**TASK DIRECTIONS**
Needed from the data below: all lines that contain the word "available".

**RECORDS SUPPLIED**

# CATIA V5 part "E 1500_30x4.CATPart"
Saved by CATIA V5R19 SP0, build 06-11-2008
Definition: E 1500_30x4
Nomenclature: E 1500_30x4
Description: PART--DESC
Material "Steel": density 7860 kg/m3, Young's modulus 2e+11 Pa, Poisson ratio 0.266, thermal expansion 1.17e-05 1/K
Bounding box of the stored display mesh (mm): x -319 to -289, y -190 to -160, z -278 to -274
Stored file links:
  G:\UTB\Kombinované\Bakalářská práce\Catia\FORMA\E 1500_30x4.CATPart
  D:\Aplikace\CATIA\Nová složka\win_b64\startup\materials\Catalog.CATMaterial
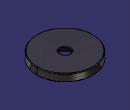
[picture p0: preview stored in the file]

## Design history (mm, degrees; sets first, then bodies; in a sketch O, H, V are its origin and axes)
Body1 "E 1500_30x4" (main body)
  Solid1: solid without history
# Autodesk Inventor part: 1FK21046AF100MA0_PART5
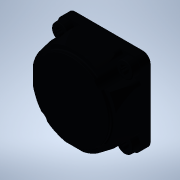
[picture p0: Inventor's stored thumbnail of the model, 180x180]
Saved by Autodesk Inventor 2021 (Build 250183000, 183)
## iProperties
Created: 2025-04
Part Number: 1FK21046AF100MA0_PART5
Material: Generic
Catalog Web Link: www.3dfindit.com
Description: -Servo synchronous motor
Document SubType Name: Modeling
Designer: psAdmin
Mass: 3.92604 g
Surface Area: 17.9521 cm^2
Volume: 3.92604 cm^3
Density: 1 g/cm^3
Appearance: PSOLRGB-48-56-69
Category: PARTsolutions
Title: 1FK21046AF100MA0_PART5
Author: Cadenas PARTsolutions
Comments: Servo synchronous motor
Sending System: PARTsolutions
Preprocessor: ST-DEVELOPER v19.3
PSOL_IDENT_0: {$CADENAS_DATA/23d-libs/siemens_ag/_cat_/4f/2b/1fk21046af100ma0.prj},213 {VTYP=3D},{NB=1FK21046AF100
PSOL_IDENT_1: MA0_PART5},{LINA=1FK21046AF100MA0_PART5},{NN=1FK21046AF100MA0_PART5},{NOPRJ=TRUE},{DATE=19.08.2025 1
PSOL_IDENT_2: 4:00:37},{GEOMDATE=30.07.2025 02:01:06},{VERSION=},{LINEID=10},{WBVAR=},{WBNUMERIC=}  {NB=1FK21046AF
PSOL_IDENT_3: 100MA0_PART5},{LINA=1FK21046AF100MA0_PART5},{KT=DUMMY},{PREVIEW=../../../_pool_/cb/72/p_d211_xx_0043
PSOL_IDENT_4: 4j.png},{DESCSHORT=SIMOTICS S-1FK2 HD, SINAMICS S210 3AC 400V-480V, 3.2 Nm, 3000 rpm},{DESCLONG=SIMO
PSOL_IDENT_5: TICS S-1FK2 HD servo motor M0=3.2 Nm; PN = 1 kW at nN=3000 rpm (380-480 V); PN = 0.5 kW at nN=1500 r
PSOL_IDENT_6: pm (200-240 V); with holding brake; degree of protection IP64; cylindrical shaft D19x40mm; absolute
PSOL_IDENT_7: encoder 22-bit + 12-bit multiturn (encoder AM22DQC); with OCC interface; plug size M17, rotatable; S
PSOL_IDENT_8: IMOTICS S-1FK2 servomotorfor a wide range of uses in industrial environments. SIMOTICS S‑1FK2 servom
PSOL_IDENT_9: otors are compact synchronous motors with a high dynamic performance that set themselves apart as a
PSOL_IDENT_10: result of their high power density, degree of protection and overload capability. The motors are ava
PSOL_IDENT_11: ilable in two variants: as High Dynamic variant (highest dynamic performance as a result of the low
PSOL_IDENT_12: intrinsic moment of inertia for applications demanding a high dynamic performance with low moved mas
PSOL_IDENT_13: ses) - and as Compact variant (precise and stable closed-loop control for medium up to large moved m
PSOL_IDENT_14: asses as a result of a medium intrinsic moment of inertia). SIMOTICSS‑1FK2 servomotors fully exploit
PSOL_IDENT_15: their strengths in a system with the SINAMICSS210 frequency converter and simple connection using t
PSOL_IDENT_16: he one cable connection (OCC). Advantages include the short control and positioning times, fast and
PSOL_IDENT_17: precise correction of disturbing quantities as well as stable control with a high dynamic performanc
PSOL_IDENT_18: e. The servo motors can be configured to address a wide range of requirements. For example with and
PSOL_IDENT_19: without holding brake, IP64 or IP65 degree of protection, singleturn or multiturn absolute encoders
PSOL_IDENT_20: - to name just a few. Further, the servomotors are available in different shaft heights extending fr
PSOL_IDENT_21: om 20 to 100. A shaft sealing ring is available to achieve an IP65 degree of protection and for subs
PSOL_IDENT_22: equent mounting at the motor or as spare part. SIMOTICS - the optimum motor for each and every motio
PSOL_IDENT_23: n control application.},{INTNO=195125049673},{SUPPLIERALTNO=1FK2104-6AF10-0MA0},{MANUID=1FK21046AF10
PSOL_IDENT_24: 0MA0},{MANUNAME=Siemens},{MANUTYPEDESC=Synchronous motor 1FK2-HD 3.2 NM},{AAU732=SIMOTICS},{AAO057=S
PSOL_IDENT_25: -1FK2},{AAU734=SIMOTICS S-1FK2 HD servo motor M0=3.2 Nm; PN = 1 kW at nN=3000 rpm (380-480 V); PN =
PSOL_IDENT_26: 0.5 kW at nN=1500 rpm (200-240 V); with holding brake; degree of protection IP64; cylindrical shaft
PSOL_IDENT_27: D19x40mm; absolute encoder 22-bit + 12-bit multiturn (encoder AM22DQC); with OCC interface; plug siz
PSOL_IDENT_28: e M17, rotatable;},{AAW338=Synchronous motor 1FK2-HD 3.2 NM},{AAO742=SIMOTICS},{AAO663=4042948694534
PSOL_IDENT_29: },{NOCUPEROU=1},{PRICEQUANTITY=1},{QUANTITYMIN=1},{QUANTITYINT=1},{CTN=85015220},{COO=DE},{AAO676=1F
PSOL_IDENT_30: K2104-6AF10-0MA0},{AAO677=Siemens AG},{ORDERUNIT=C62},{CONTENTUNIT=C62}
NB: 1FK21046AF100MA0_PART5
NT: Servo synchronous motor
NBSYN: $MANUID._PART5
LINA: 1FK21046AF100MA0_PART5
CATALOG: SIEMENS
PREVIEW: ../../../_pool_/cb/72/p_d211_xx_00434j.png
DESCSHORT: SIMOTICS S-1FK2 HD, SINAMICS S210 3AC 400V-480V, 3.2 Nm, 3000 rpm
DESCLONG: SIMOTICS S-1FK2 HD servo motor M0=3.2 Nm; PN = 1 kW at nN=3000 rpm (380-480 V); PN = 0.5 kW at nN=1500 rpm (200-240 V); with holding brake; degree of protection
INTNO: 195125049673
SUPPLIERALTNO: 1FK2104-6AF10-0MA0
MANUID: 1FK21046AF100MA0
MANUNAME: Siemens
MANUTYPEDESC: Synchronous motor 1FK2-HD 3.2 NM
AAU732: SIMOTICS
AAO057: S-1FK2
AAU734: SIMOTICS S-1FK2 HD servo motor M0=3.2 Nm; PN = 1 kW at nN=3000 rpm (380-480 V); PN = 0.5 kW at nN=1500 rpm (200-240 V); with holding brake; degree of protection
AAW338: Synchronous motor 1FK2-HD 3.2 NM
AAO742: SIMOTICS
AAO663: 4042948694534.0
NOCUPEROU: 1
PRICEQUANTITY: 1
QUANTITYMIN: 1
QUANTITYINT: 1
CTN: 85015220
COO: DE
ARTICLENO: 1FK21046AF100MA0_PART5
BOMINFO: 1FK21046AF100MA0_PART5
CREATOR: CADENAS GmbH
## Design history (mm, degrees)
feature "2025_04_17_14_59_39_0114"
body "Solid1"

**OUTPUT BELOW**
PSOL_IDENT_20: - to name just a few. Further, the servomotors are available in different shaft heights extending fr
PSOL_IDENT_21: om 20 to 100. A shaft sealing ring is available to achieve an IP65 degree of protection and for subs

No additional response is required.